## [YOUR TASK]
Your task is to work out how many lines in the data include the word "again". Reply with the number alone.

[Data records]
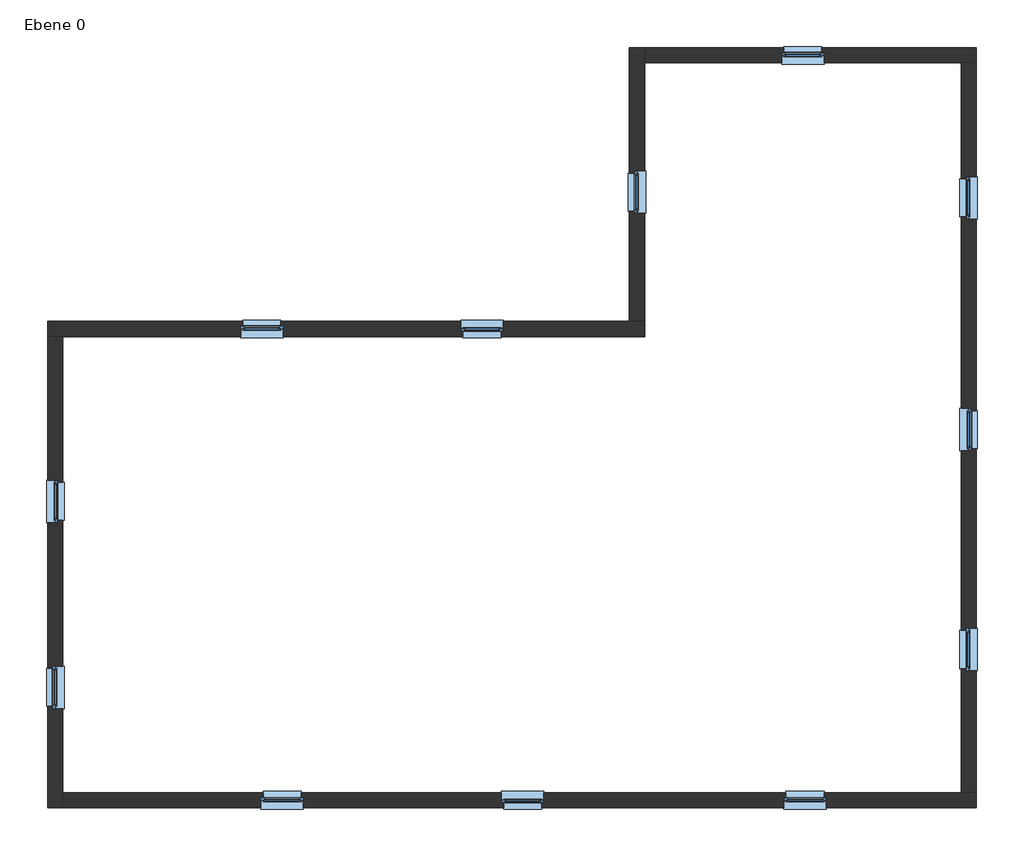
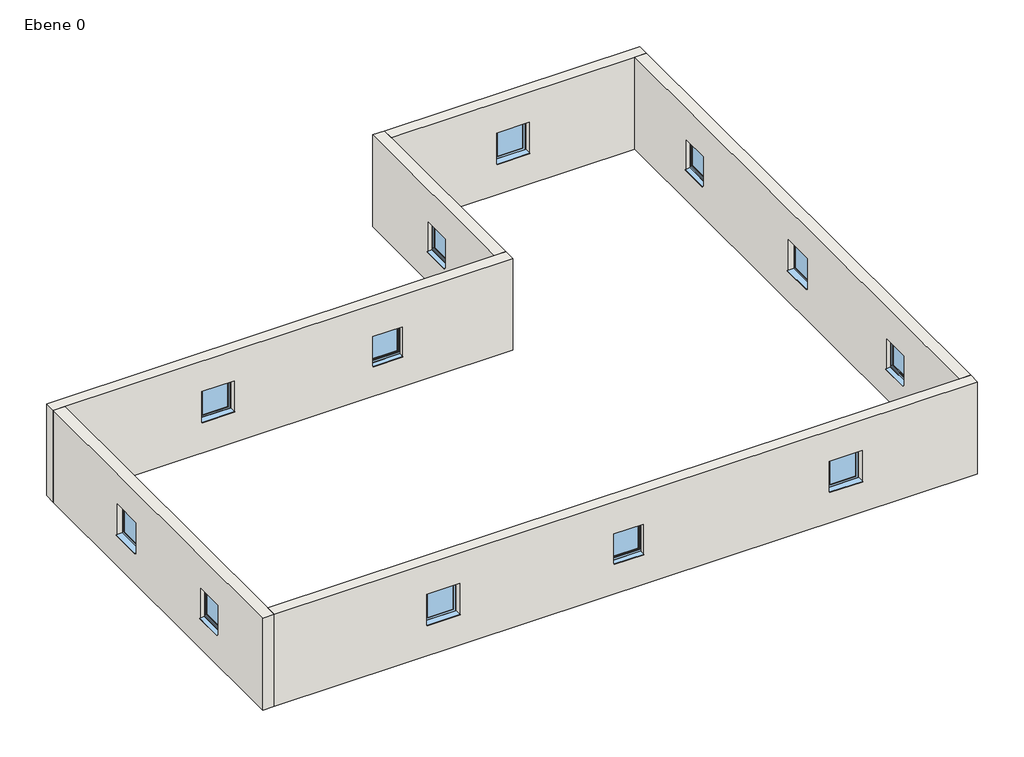
# One storey: 12 windows, 6 walls.
"""IFC4 building model written with IfcOpenShell, lengths in millimetres."""

import ifcopenshell
import ifcopenshell.guid

model = None  # the IFC model being written
_history = None  # IfcOwnerHistory: only IFC2X3 demands one
_inside = {}  # id of a spatial element -> (the spatial element, [elements in it])
_under = {}  # id of a project, library or spatial element -> (it, [spatial elements below it])
_declared = {}  # id of a project -> (the project, [libraries it declares])
_typed = {}  # id of a type object -> (the type object, [elements of that type])
_made_of = {}  # id of a material, layer set ... -> (it, [elements and type objects made of it])


def new_model(schema):
    """Start an empty IFC model of exactly this schema.

    Asked for "IFC4X3", IfcOpenShell would pick the latest addendum, in which some entities
    have other attributes; the version numbers below select the first issue.
    IFC2X3 requires an IfcOwnerHistory on every rooted entity: one is made here for all.
    """
    global model, _history
    if schema == "IFC4X3":
        model = ifcopenshell.file(schema_version=(4, 3, 0, 0))
    else:
        model = ifcopenshell.file(schema=schema)
    _inside.clear()
    _under.clear()
    _declared.clear()
    _typed.clear()
    _made_of.clear()
    _history = None
    if model.schema == "IFC2X3":
        org = make("IfcOrganization", Name="unknown")
        user = make(
            "IfcPersonAndOrganization",
            ThePerson=make("IfcPerson", FamilyName="unknown"),
            TheOrganization=org,
        )
        app = make(
            "IfcApplication",
            ApplicationDeveloper=org,
            Version="unknown",
            ApplicationFullName="unknown",
            ApplicationIdentifier="unknown",
        )
        _history = make(
            "IfcOwnerHistory",
            OwningUser=user,
            OwningApplication=app,
            ChangeAction="ADDED",
            CreationDate=0,
        )
    return model


def make(cls, **values):
    """One entity of the class cls with the attributes given. An attribute that is None is left unset."""
    return model.create_entity(
        cls, **{name: value for name, value in values.items() if value is not None}
    )


def rooted(cls, **values):
    """An entity with a GlobalId (a new one), such as an element, a storey or a relation."""
    return make(cls, GlobalId=ifcopenshell.guid.new(), OwnerHistory=_history, **values)


def si_unit(unit_type, name, prefix=None):
    """IfcSIUnit, for example si_unit("LENGTHUNIT", "METRE", prefix="MILLI")."""
    return make("IfcSIUnit", UnitType=unit_type, Prefix=prefix, Name=name)


def assignment(units):
    """IfcUnitAssignment: the units of a project."""
    return None if units is None else make("IfcUnitAssignment", Units=units)


def point(xyz):
    """IfcCartesianPoint."""
    return None if xyz is None else make("IfcCartesianPoint", Coordinates=xyz)


def direction(xyz):
    """IfcDirection."""
    return None if xyz is None else make("IfcDirection", DirectionRatios=xyz)


def frame(location, z_axis=None, x_axis=None):
    """IfcAxis2Placement3D, a coordinate frame: its origin and axes. An axis left out is left unset."""
    return make(
        "IfcAxis2Placement3D",
        Location=point(location),
        Axis=direction(z_axis),
        RefDirection=direction(x_axis),
    )


def origin():
    """The frame at (0, 0, 0) with its axes left unset."""
    return frame((0.0, 0.0, 0.0))


def place(relative_to, where):
    """IfcLocalPlacement: puts the frame where relative to a parent placement (None: the world)."""
    return make(
        "IfcLocalPlacement", PlacementRelTo=relative_to, RelativePlacement=where
    )


def context(
    kind, dimensions, precision=None, world=None, true_north=None, identifier=None
):
    """IfcGeometricRepresentationContext, for example the 3D "Model" context."""
    return make(
        "IfcGeometricRepresentationContext",
        ContextIdentifier=identifier,
        ContextType=kind,
        CoordinateSpaceDimension=dimensions,
        Precision=precision,
        WorldCoordinateSystem=world,
        TrueNorth=true_north,
    )


def project(units=None, contexts=None):
    """IfcProject with its units and contexts."""
    return rooted(
        "IfcProject",
        Name="project",
        RepresentationContexts=contexts,
        UnitsInContext=assignment(units),
    )


def spatial(cls, under=None, at=None, **own):
    """A site, building, storey or space (cls), placed at a placement, below another one or the project."""
    s = rooted(cls, ObjectPlacement=at, **own)
    if under is not None:
        _under.setdefault(under.id(), (under, []))[1].append(s)
    return s


def polyline(points):
    """IfcPolyline through the points."""
    return make("IfcPolyline", Points=[point(p) for p in points])


def outline(outer, holes=None, kind="AREA"):
    """IfcArbitraryClosedProfileDef: a profile drawn as a closed curve; with holes, ...WithVoids."""
    if holes is None:
        return make("IfcArbitraryClosedProfileDef", ProfileType=kind, OuterCurve=outer)
    return make(
        "IfcArbitraryProfileDefWithVoids",
        ProfileType=kind,
        OuterCurve=outer,
        InnerCurves=holes,
    )


def extrude(swept, where, along, depth):
    """IfcExtrudedAreaSolid: the profile swept, set in the frame where, extruded along a direction by depth."""
    return make(
        "IfcExtrudedAreaSolid",
        SweptArea=swept,
        Position=where,
        ExtrudedDirection=direction(along),
        Depth=depth,
    )


def faces_of(points, faces, orient=None, outer=None):
    """IfcFace entities. A face is a list of loops; a loop is a list of indices into points, from 0.

    orient and outer hold one flag for each loop. By default every Orientation is true, the
    first loop of a face is its IfcFaceOuterBound and the others are IfcFaceBound.
    """
    made = []
    for i, loops in enumerate(faces):
        bounds = []
        for j, loop in enumerate(loops):
            is_outer = j == 0 if outer is None else outer[i][j]
            bounds.append(
                make(
                    "IfcFaceOuterBound" if is_outer else "IfcFaceBound",
                    Bound=make("IfcPolyLoop", Polygon=[points[k] for k in loop]),
                    Orientation=True if orient is None else orient[i][j],
                )
            )
        made.append(make("IfcFace", Bounds=bounds))
    return made


def faceted_brep(points, faces, orient=None, outer=None, voids=None):
    """IfcFacetedBrep: a solid bounded by flat faces; with voids (closed shells), ...WithVoids."""
    shared = [point(p) for p in points]
    hull = make("IfcClosedShell", CfsFaces=faces_of(shared, faces, orient, outer))
    if voids is None:
        return make("IfcFacetedBrep", Outer=hull)
    return make(
        "IfcFacetedBrepWithVoids",
        Outer=hull,
        Voids=[
            make(cls, CfsFaces=faces_of(shared, fs, o, b)) for cls, fs, o, b in voids
        ],
    )


def shape(context_of_items, identifier, shape_type, items):
    """IfcShapeRepresentation: the items that make up one representation, for example the "Body"."""
    return make(
        "IfcShapeRepresentation",
        ContextOfItems=context_of_items,
        RepresentationIdentifier=identifier,
        RepresentationType=shape_type,
        Items=items,
    )


def source(mapping_origin, context_of_items, identifier, shape_type, items):
    """IfcRepresentationMap: a shape defined once, which mapped items show again and again."""
    return make(
        "IfcRepresentationMap",
        MappingOrigin=mapping_origin,
        MappedRepresentation=shape(context_of_items, identifier, shape_type, items),
    )


def transform(
    local_origin,
    x_axis=None,
    y_axis=None,
    z_axis=None,
    scale=None,
    scale2=None,
    scale3=None,
    uniform=True,
):
    """IfcCartesianTransformationOperator3D, or its non-uniform kind. x_axis, y_axis, z_axis: its Axis1, 2, 3."""
    if uniform:
        return make(
            "IfcCartesianTransformationOperator3D",
            Axis1=direction(x_axis),
            Axis2=direction(y_axis),
            LocalOrigin=point(local_origin),
            Scale=scale,
            Axis3=direction(z_axis),
        )
    return make(
        "IfcCartesianTransformationOperator3DnonUniform",
        Axis1=direction(x_axis),
        Axis2=direction(y_axis),
        LocalOrigin=point(local_origin),
        Scale=scale,
        Axis3=direction(z_axis),
        Scale2=scale2,
        Scale3=scale3,
    )


def mapped(mapping_source, mapping_target):
    """IfcMappedItem: shows the shape of a source again, moved by a transform."""
    return make(
        "IfcMappedItem", MappingSource=mapping_source, MappingTarget=mapping_target
    )


def made_of(thing, what):
    """Note that an element or type object is made of a material, layer set ...; save() writes the relation."""
    if what is not None:
        _made_of.setdefault(what.id(), (what, []))[1].append(thing)
    return thing


def element(
    cls,
    number,
    at=None,
    inside=None,
    cuts=None,
    type_object=None,
    material=None,
    context=None,
    identifier="Body",
    shape_type=None,
    held_by="IfcProductDefinitionShape",
    body=None,
    shapes=None,
    **own,
):
    """One element of the class cls, such as IfcWall. Its Tag is "e" and its number.

    at: its placement. inside: the storey or other place that contains it. cuts: it is an
    opening in that element (IfcRelVoidsElement). A single representation is given by context,
    identifier, shape_type and body (its items); several are given by shapes. held_by: the class
    of the entity that holds the representations. save() writes the other relations.
    """
    e = rooted(cls, Tag="e%d" % number, ObjectPlacement=at, **own)
    if body is not None:
        shapes = [shape(context, identifier, shape_type, body)]
    if shapes is not None:
        e.Representation = make(held_by, Representations=shapes)
    if inside is not None:
        _inside.setdefault(inside.id(), (inside, []))[1].append(e)
    if cuts is not None:
        rooted(
            "IfcRelVoidsElement", RelatingBuildingElement=cuts, RelatedOpeningElement=e
        )
    if type_object is not None:
        _typed.setdefault(type_object.id(), (type_object, []))[1].append(e)
    return made_of(e, material)


def aggregate(whole, parts):
    """IfcRelAggregates: a whole, such as a stair, and the parts it consists of."""
    return rooted("IfcRelAggregates", RelatingObject=whole, RelatedObjects=parts)


def save(model, path):
    """Write the relations noted so far, then the file.

    IfcRelAggregates (storeys below a building ...), IfcRelContainedInSpatialStructure (elements
    in a storey), IfcRelDefinesByType, IfcRelAssociatesMaterial and IfcRelDeclares: one each for
    every whole, place, type object, material and project.
    """
    for whole, parts in _under.values():
        aggregate(whole, parts)
    for where, things in _inside.values():
        rooted(
            "IfcRelContainedInSpatialStructure",
            RelatedElements=things,
            RelatingStructure=where,
        )
    for kind, things in _typed.values():
        rooted("IfcRelDefinesByType", RelatedObjects=things, RelatingType=kind)
    for what, things in _made_of.values():
        rooted("IfcRelAssociatesMaterial", RelatedObjects=things, RelatingMaterial=what)
    for by, libraries in _declared.values():
        rooted("IfcRelDeclares", RelatingContext=by, RelatedDefinitions=libraries)
    model.write(path)


def window_1_01_x_1_01_b7243dc8(model_context):
    return source(origin(), model_context, "Body", "SolidModel", [
        extrude(outline(polyline([(-525.0, -210.0), (-525.0, 0.0), (485.0, 0.0), (485.0, -210.0), (-525.0, -210.0)])), frame((0.0, 0.0, 1005.0), z_axis=(0.0, 0.0, 1.0), x_axis=(1.0, 0.0, 0.0)), (0.0, 0.0, 1.0), 15.0),
        extrude(outline(polyline([(375.0, -15.0), (-415.0, -15.0), (-415.0, 15.0), (375.0, 15.0), (375.0, -15.0)])), frame((0.0, 0.0, 1110.0), z_axis=(0.0, 0.0, 1.0), x_axis=(1.0, 0.0, 0.0)), (0.0, 0.0, 1.0), 790.0),
        extrude(outline(polyline([(70.0221543, 1020.0), (210.0, 1000.0), (210.0, 990.0), (208.0, 990.0), (208.0, 998.3604634), (69.8240723, 1018.0), (60.0, 1018.0), (60.0, 1020.0), (70.0221543, 1020.0)])), frame((-475.0, 0.0, 0.0), z_axis=(1.0, 0.0, 0.0), x_axis=(0.0, 1.0, 0.0)), (0.0, 0.0, 1.0), 910.0),
        extrude(outline(polyline([(2010.0, 485.0), (2010.0, -525.0), (1000.0, -525.0), (1000.0, 485.0), (2010.0, 485.0)]), holes=[polyline([(1930.0, 405.0), (1080.0, 405.0), (1080.0, -445.0), (1930.0, -445.0), (1930.0, 405.0)])]), frame((0.0, 0.0, 0.0), z_axis=(0.0, 1.0, 0.0), x_axis=(0.0, 0.0, 1.0)), (0.0, 0.0, 1.0), 60.0),
        faceted_brep([(435.0, 0.0, 1960.0), (435.0, -30.0, 1960.0), (435.0, -30.0, 1050.0), (435.0, 0.0, 1050.0), (-475.0, -30.0, 1960.0), (-475.0, -30.0, 1050.0), (375.0, -30.0, 1110.0), (-415.0, -30.0, 1110.0), (-415.0, -30.0, 1900.0), (375.0, -30.0, 1900.0), (-475.0, 0.0, 1050.0), (-475.0, 0.0, 1960.0), (405.0, 0.0, 1930.0), (-445.0, 0.0, 1930.0), (-445.0, 0.0, 1080.0), (405.0, 0.0, 1080.0), (405.0, 30.0, 1930.0), (405.0, 30.0, 1080.0), (-445.0, 30.0, 1080.0), (-445.0, 30.0, 1930.0), (375.0, 30.0, 1900.0), (-415.0, 30.0, 1900.0), (-415.0, 30.0, 1110.0), (375.0, 30.0, 1110.0)], [[[0, 1, 2, 3]], [[1, 4, 5, 2], [6, 7, 8, 9]], [[3, 2, 5, 10]], [[3, 10, 11, 0], [12, 13, 14, 15]], [[16, 12, 15, 17]], [[17, 15, 14, 18]], [[17, 18, 19, 16], [20, 21, 22, 23]], [[9, 20, 23, 6]], [[6, 23, 22, 7]], [[10, 5, 4, 11]], [[18, 14, 13, 19]], [[7, 22, 21, 8]], [[11, 4, 1, 0]], [[19, 13, 12, 16]], [[8, 21, 20, 9]]]),
    ])


model = new_model("IFC4")

# Units and contexts
model_context = context("Model", 3, world=origin())
ifc_project = project(units=[si_unit("LENGTHUNIT", "METRE", prefix="MILLI")], contexts=[model_context])

# Site, building, storey
site = spatial("IfcSite", under=ifc_project)
building = spatial("IfcBuilding", under=site)
storey = spatial("IfcBuildingStorey", under=building, Name="Ebene 0", Elevation=0.0)

# Walls
placement = place(None, origin())
element("IfcWall", 1, ObjectType="MW 24.0 WD 12.0", at=placement, inside=storey, context=model_context, shape_type="Brep", body=[
    faceted_brep([(-13369.6797169, 6985.6067473, 0.0), (-13009.6797169, 6985.6067473, 0.0), (810.3202831, 6985.6067473, 0.0), (810.3202831, 6985.6067473, 3000.0), (-13009.6797169, 6985.6067473, 3000.0), (-13369.6797169, 6985.6067473, 3000.0), (-3509.6797169, 6985.6067473, 1960.0), (-2599.6797169, 6985.6067473, 1960.0), (-2599.6797169, 6985.6067473, 1000.0), (-3509.6797169, 6985.6067473, 1000.0), (-7779.6797169, 6985.6067473, 1000.0), (-8789.6797169, 6985.6067473, 1000.0), (-8789.6797169, 6985.6067473, 2010.0), (-7779.6797169, 6985.6067473, 2010.0), (-13369.6797169, 7345.6067473, 0.0), (-13369.6797169, 7345.6067473, 3000.0), (450.3202831, 7345.6067473, 3000.0), (810.3202831, 7345.6067473, 3000.0), (810.3202831, 7345.6067473, 0.0), (450.3202831, 7345.6067473, 0.0), (-3559.6797169, 7345.6067473, 1000.0), (-2549.6797169, 7345.6067473, 1000.0), (-2549.6797169, 7345.6067473, 2010.0), (-3559.6797169, 7345.6067473, 2010.0), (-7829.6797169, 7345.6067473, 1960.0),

## [EXERCISE SOLUTION]
2